I fully understand the moral and ethical concerns related to the slaughter of innocent horses. (May 15, 9A, “Making hay from horse sense over slaughterhouses”)
But why is there not the same concern for the slaughter of 30 million cows every year? They are innocent and gentle creatures, too, led to slaughter by whips and electric prods — all of which I witnessed many years ago during a high school trip to a meat-packing plant in Sioux City, Iowa.
I can still hear the sound of the gunshot to the head.
Arlin J. Buyert
Jails a symptom
The Star’s editorial about problems with the Jackson County jail describes a sad situation. (May 16, 10A, “Is there a new sheriff in town willing to clean up the county jail?)
Whether the jail is managed by a sheriff or an appointed jail administrator is not the issue, in my opinion.
I served as chief jail auditor for the National Sheriffs’ Association, and I examined 828 jails in 49 states over 16 years. I found well-run jails directed by both sheriffs and appointed jail administrators.
Here in Shawnee County, Kan., the well-run county jail in Topeka is directed by an appointed jail administrator with more than 30 years of experience.
People need to understand that all jails are creatures of the state wherein they are located.
Neither Kansas nor Missouri mandates jail inspections or training for jail officers. These state governments leave this to counties.
Counties are also nothing more than creatures of the state, defined either by state laws or in the state constitutions.

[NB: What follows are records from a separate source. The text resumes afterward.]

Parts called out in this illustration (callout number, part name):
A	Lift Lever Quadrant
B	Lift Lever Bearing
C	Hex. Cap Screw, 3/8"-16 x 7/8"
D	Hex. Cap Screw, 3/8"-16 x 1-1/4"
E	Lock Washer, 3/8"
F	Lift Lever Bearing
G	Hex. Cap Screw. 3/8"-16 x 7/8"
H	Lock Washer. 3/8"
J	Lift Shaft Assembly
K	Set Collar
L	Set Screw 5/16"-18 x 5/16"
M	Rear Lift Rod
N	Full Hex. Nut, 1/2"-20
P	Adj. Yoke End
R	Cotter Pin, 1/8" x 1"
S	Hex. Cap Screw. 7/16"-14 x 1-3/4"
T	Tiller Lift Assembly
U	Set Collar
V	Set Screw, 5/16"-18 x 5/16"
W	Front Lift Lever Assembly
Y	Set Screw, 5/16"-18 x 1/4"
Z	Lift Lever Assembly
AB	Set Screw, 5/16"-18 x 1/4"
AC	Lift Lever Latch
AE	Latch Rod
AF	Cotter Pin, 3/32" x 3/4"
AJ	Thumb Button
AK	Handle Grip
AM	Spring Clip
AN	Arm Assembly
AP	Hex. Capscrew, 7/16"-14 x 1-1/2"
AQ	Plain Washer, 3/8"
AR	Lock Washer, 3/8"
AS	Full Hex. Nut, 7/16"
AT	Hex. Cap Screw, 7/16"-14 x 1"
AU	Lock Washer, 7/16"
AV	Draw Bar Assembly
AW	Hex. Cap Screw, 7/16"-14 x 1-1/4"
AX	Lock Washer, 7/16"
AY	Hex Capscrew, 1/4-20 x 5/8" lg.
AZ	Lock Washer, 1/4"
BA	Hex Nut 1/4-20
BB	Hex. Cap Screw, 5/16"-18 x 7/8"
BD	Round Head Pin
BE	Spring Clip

This lack of interest in jails is an example of poor state leadership in both Kansas and Missouri.
Who we aren’t
It is time for our political leaders, those of both parties, to step forward and put a stop to what we are seeing in Washington.

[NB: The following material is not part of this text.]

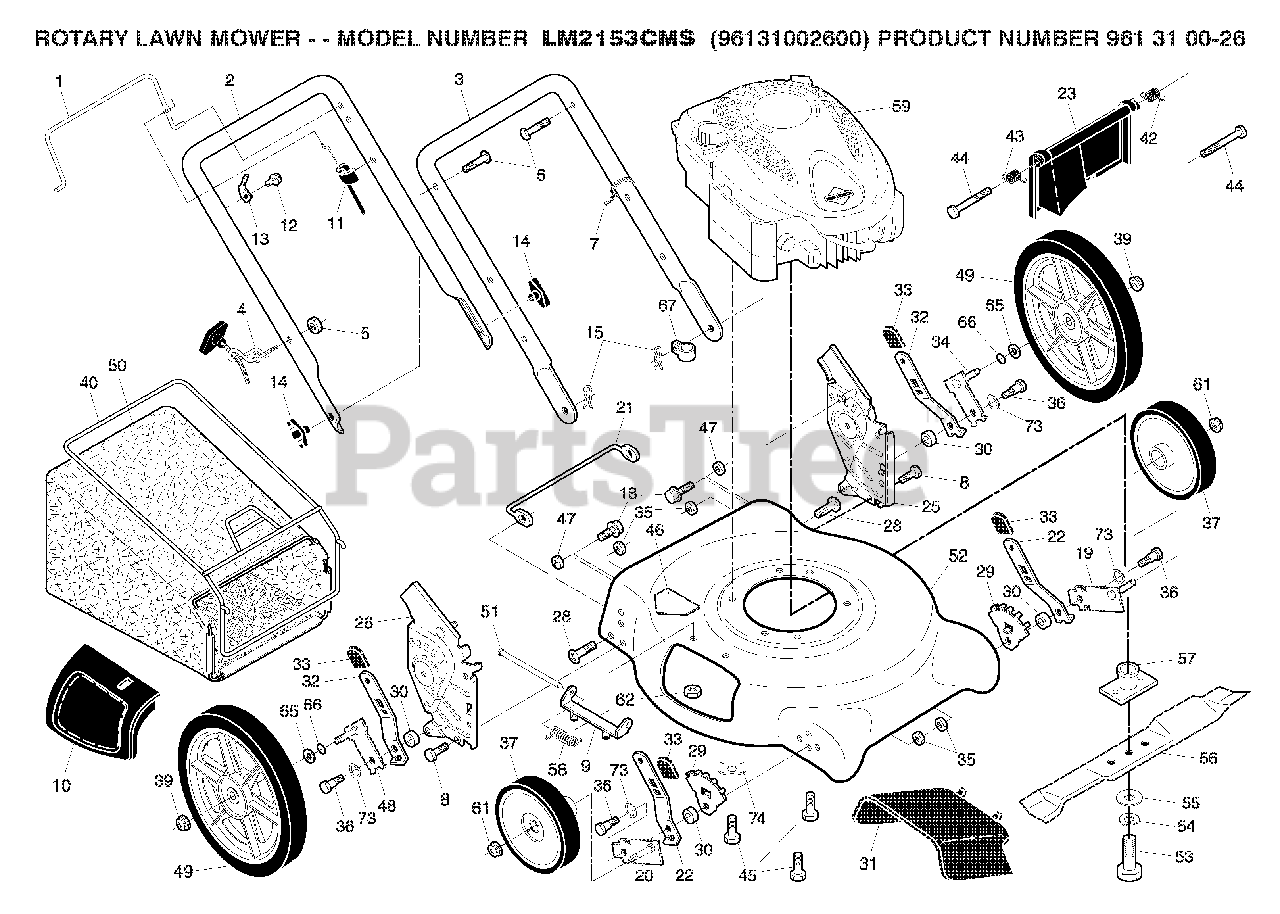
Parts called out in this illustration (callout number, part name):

Or are we to become all that we do not represent? We are supposed to be a nation of truth and honor.
Alex G. Margiotta
Not all one size
Sen. Rob Portman of Ohio is a moderate Republican and has supported some decent legislation. But nowhere in his commentary in Wednesday’s Star (11A, “Private sector has a powerful incentive to treat opioid addiction”) do I see any acknowledgment of the importance and necessity of many opioid prescriptions for pain.
For example, it is necessary and appropriate for patients to receive these drugs for three days after a number of surgical procedures. Portman’s CARA 2.0 Act would require universal restrictions to these guidelines, which come from the Centers for Disease Control and Prevention.
I can well understand pushback from medical associations and drug companies. But it looks as if we’re overcorrecting for past errors.
Care for seniors
After years of inadequate funding, Missouri made further cuts to Medicaid last year, sending older and disabled citizens and the nursing homes that care for them into a crisis.
The individuals devastated by these cuts are not “living off the system.” Just one major illness can wipe out a senior’s hard-earned savings and leave him or her with limited funds for life-sustaining care.
State general revenues now pay an average of only $15.26 per person per day for the highly specialized, round-the-clock care that these Missourians require. This represents a $25 per-person, per-day shortfall.
The state cannot operate a deficit, and neither can senior care providers. If this funding crisis is not fixed, our most medically vulnerable citizens will have reduced access to the critical care they need.
As the administrator of Monterey Park Rehabilitation and Health Care Center, this saddens and alarms me.
As the House and Senate move to conference to finalize the state budget, we ask that lawmakers protect the amount of money appropriated to fund care for residents in nursing homes.
It’s time to make our seniors, veterans and disabled Missourians a priority.
After 40 years, Bill Shapiro has retired from public radio station KCUR. During his career there, he was host of the long-running jazz show “Cyprus Avenue.”
What a loss. He has kept this 60-plus-year-old guy feeling like he was 18.
You will be missed, Bill. Thank you for your talent.